Long Beach was a wonderful track. To be a marshal there was an honor indeed.
Date Added: 09/03/2009

Clive
Timbo: Ah, a childhood steeped in motor sport - I envy you. My father wasn't interested in the slightest and I cannot even remember what chance it was that led me to attend my first race. The Tasman series was as good as F1 and most of the star drivers had a go at it, so I reckon you were there from the very early days!
Date Added: 09/03/2009

Clive
Lee: That's a good point about the competitiveness of drivers. To see hard-fought battles between really skillful drivers is so much more likely to capture new fans than entry at a time of dominance by one driver or team. That is one reason why I'm enjoying our present period - there might have been little overtaking in the last few years but there is not much to choose between the top drivers and we've had some fantastic races as a result. It looks like continuing into next year as well.
Date Added: 09/03/2009

rob ijbema
Clive it was 1972 and i saw a mean dark blue Tyrrell chasing a mysterious looking black and gold Lotus through the sweeping curves of the Osternreichring,
it was only a minute or so...on the telly...as a little kid i started drawing those low,fast moving machines and never stopped...
Date Added: 09/03/2009

Clive
That reminds me that I used to draw F1 cars too, Rob - in my late teens. I never thought I could earn a living doing it, however, and moved on to other things.

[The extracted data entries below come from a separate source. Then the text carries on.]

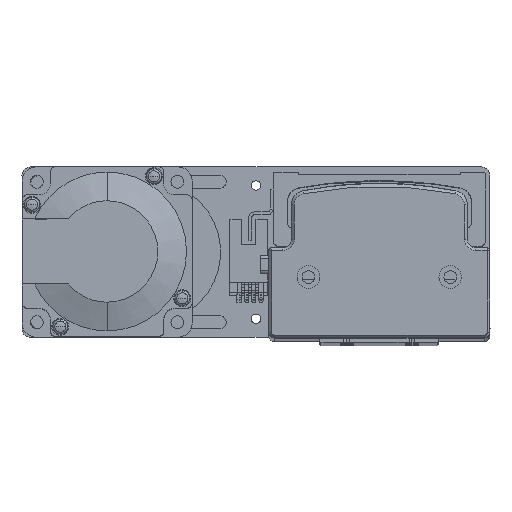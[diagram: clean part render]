
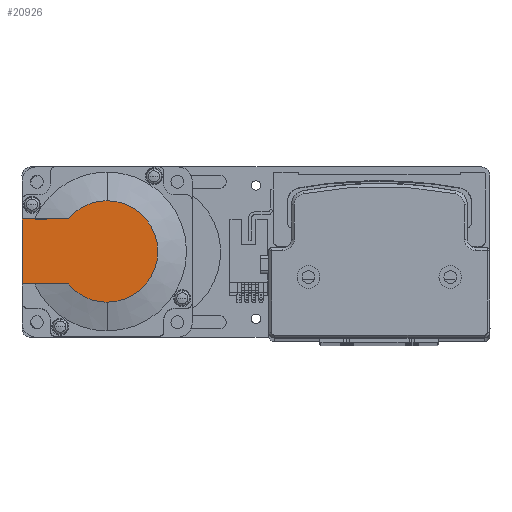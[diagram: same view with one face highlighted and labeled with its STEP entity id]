
A CAD part, top view. The second image highlights one B-rep face of the part: STEP entity #20926.
In plain terms, the highlighted planar face has unit normal (0, 0, 1) as drawn and (-1, 0, 0) by its records, which use the part's own axes.
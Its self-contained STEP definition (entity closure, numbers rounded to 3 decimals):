
#338 = CARTESIAN_POINT ( 'NONE',  ( -118.5, 30., 25. ) ) ;
#349 = AXIS2_PLACEMENT_3D ( 'NONE', #10441, #37283, #14281 ) ;
#701 = CIRCLE ( 'NONE', #43090, 17.881 ) ;
#1658 = CARTESIAN_POINT ( 'NONE',  ( -118.5, 13.735, -11.45 ) ) ;
#1947 = ORIENTED_EDGE ( 'NONE', *, *, #4487, .T. ) ;
#2421 = EDGE_CURVE ( 'NONE', #15849, #32418, #701, .T. ) ;
#2842 = DIRECTION ( 'NONE',  ( 0., 0., -1. ) ) ;
#4068 = AXIS2_PLACEMENT_3D ( 'NONE', #48868, #25843, #2842 ) ;
#4169 = VECTOR ( 'NONE', #7105, 1000. ) ;
#4487 = EDGE_CURVE ( 'NONE', #32418, #28822, #17335, .T. ) ;
#4646 = ORIENTED_EDGE ( 'NONE', *, *, #25140, .F. ) ;
#5339 = ORIENTED_EDGE ( 'NONE', *, *, #6171, .T. ) ;
#5460 = VECTOR ( 'NONE', #38320, 1000. ) ;
#6171 = EDGE_CURVE ( 'NONE', #33253, #15849, #15688, .T. ) ;
#7105 = DIRECTION ( 'NONE',  ( 0., -1., 0. ) ) ;
#7414 = VECTOR ( 'NONE', #11967, 1000. ) ;
#9290 = CARTESIAN_POINT ( 'NONE',  ( -118.5, 30., -11.45 ) ) ;
#10441 = CARTESIAN_POINT ( 'NONE',  ( -118.5, 0., 0. ) ) ;
#10821 = DIRECTION ( 'NONE',  ( -1., 0., 0. ) ) ;
#11967 = DIRECTION ( 'NONE',  ( 0., 0., 1. ) ) ;
#13197 = CARTESIAN_POINT ( 'NONE',  ( -118.5, 13.735, 11.45 ) ) ;
#13449 = CARTESIAN_POINT ( 'NONE',  ( -118.5, 0., 0. ) ) ;
#13820 = AXIS2_PLACEMENT_3D ( 'NONE', #33832, #10821, #37656 ) ;
#13930 = EDGE_CURVE ( 'NONE', #28822, #33536, #38447, .T. ) ;
#14281 = DIRECTION ( 'NONE',  ( 0., 0., -1. ) ) ;
#14865 = CARTESIAN_POINT ( 'NONE',  ( -118.5, 30., 11.45 ) ) ;
#15688 = LINE ( 'NONE', #22874, #5460 ) ;
#15849 = VERTEX_POINT ( 'NONE', #1658 ) ;
#17324 = DIRECTION ( 'NONE',  ( 0., 0., -1. ) ) ;
#17335 = CIRCLE ( 'NONE', #4068, 17.881 ) ;
#17696 = LINE ( 'NONE', #338, #7414 ) ;
#20926 = ADVANCED_FACE ( 'NONE', ( #37562 ), #33669, .T. ) ;
#22874 = CARTESIAN_POINT ( 'NONE',  ( -118.5, -8.941, -11.45 ) ) ;
#24267 = EDGE_CURVE ( 'NONE', #33253, #30539, #17696, .T. ) ;
#25140 = EDGE_CURVE ( 'NONE', #30539, #33536, #43876, .T. ) ;
#25843 = DIRECTION ( 'NONE',  ( -1., 0., 0. ) ) ;
#28822 = VERTEX_POINT ( 'NONE', #41295 ) ;
#30539 = VERTEX_POINT ( 'NONE', #14865 ) ;
#30629 = ORIENTED_EDGE ( 'NONE', *, *, #13930, .T. ) ;
#32418 = VERTEX_POINT ( 'NONE', #42307 ) ;
#33253 = VERTEX_POINT ( 'NONE', #9290 ) ;
#33536 = VERTEX_POINT ( 'NONE', #13197 ) ;
#33669 = PLANE ( 'NONE',  #13820 ) ;
#33832 = CARTESIAN_POINT ( 'NONE',  ( -118.5, -8.941, 0. ) ) ;
#34013 = CARTESIAN_POINT ( 'NONE',  ( -118.5, 0., 11.45 ) ) ;
#35107 = ORIENTED_EDGE ( 'NONE', *, *, #2421, .T. ) ;
#37283 = DIRECTION ( 'NONE',  ( -1., 0., 0. ) ) ;
#37562 = FACE_OUTER_BOUND ( 'NONE', #43120, .T. ) ;
#37656 = DIRECTION ( 'NONE',  ( 0., 0., 1. ) ) ;
#38320 = DIRECTION ( 'NONE',  ( 0., -1., 0. ) ) ;
#38447 = CIRCLE ( 'NONE', #349, 17.881 ) ;
#40336 = DIRECTION ( 'NONE',  ( -1., 0., 0. ) ) ;
#41295 = CARTESIAN_POINT ( 'NONE',  ( -118.5, 0., 17.881 ) ) ;
#42307 = CARTESIAN_POINT ( 'NONE',  ( -118.5, 0., -17.881 ) ) ;
#43090 = AXIS2_PLACEMENT_3D ( 'NONE', #13449, #40336, #17324 ) ;
#43120 = EDGE_LOOP ( 'NONE', ( #5339, #35107, #1947, #30629, #4646, #45130 ) ) ;
#43876 = LINE ( 'NONE', #34013, #4169 ) ;
#45130 = ORIENTED_EDGE ( 'NONE', *, *, #24267, .F. ) ;
#48868 = CARTESIAN_POINT ( 'NONE',  ( -118.5, 0., 0. ) ) ;

Although I still draw cars when I have nothing else to do...
Date Added: 09/03/2009

Pink Peril
Wow - The Stig was racing F1 back in 1955? Some say that he is timeless ;)

My first GP was actually a two wheeler. Went along to the 1997 Australian MotoGP at Phillip Island with my boyfriend at the time who was into bikes in a *big* way. I'd vaguely heard of Micky Doohan, but other than that was a complete ignoramous, and to my surprise I really enjoyed it - not being from a motorsport family. In fact, I don't beleive I was even aware that Adelaide had held an F1 race for years...

However, I wasn't bitten by the bug until a year later when I was living in Edinburgh. We didn't have a TV in my flat, so TV had become a bit of a novelty. I was visiting a friend down in York for the weekend. The teev was on in the background, and having been deprived for so long, naturally my eyes kept wandering over to it. A race was about to start, and I had no clue where, who was driving - anything.

But the start of that race ensured I have been hooked ever since - it was Spa 1998. Who could witness that, and not become intruiged?

I found out from my friends that there was a Scot driving - one David Coulthard who immediately became my favourite (once the re-start happened), and later events of the race ensured that a certain German driver would become my arch-nemisis.

In all, I've been hooked ever since.
Date Added: 09/03/2009

Clive
Who knows where the Stig comes from, Peril? He could be an alien and been around for hundreds of years!

Television grabs another viewer for F1. It has been enormously influential in spreading the word, I must admit. That Spa start was very chaotic - it took out nearly half the field. Just as well they had spare cars in those days.
Date Added: 10/03/2009

verasaki
if i recall correctly, in the late 60's and early '70's the monaco gp highlights were shown on wide world of sports the weekends after the actual event. all my neighborhood playmates were boys soooo... jackie stewart was our idol. well, mine anyway. and we kept up with the rest via the sports pages.

several years later i was relocated to seneca falls ny--at the other end of the lake from watkins glen. i went to my first f1 race in 1976 or '77 when i was 15 or 16. i was so hooked i didn't even mind slogging around in the rain. it was sort of the mode du jour up there anyway.

sorry, i'm just catching up on the blogs. so, clive grew up in africa? that must have been a great childhood!
Date Added: 11/03/2009

Clive
Monaco does seem to catch a lot of fans - or it did in those days. Funny that the circuit that always gets televised is the one the experts say can't be raced upon!

My childhood was just as ordinary as anyone else's, Vera; when it happens to you, it's just normal. A great man did teach me a few years ago that there is mileage in recalling memories, however, and I wrote several posts on Africa in my personal blog, Gone Away. The African posts are linked - start with Okay, I Admit I Had a Childhood.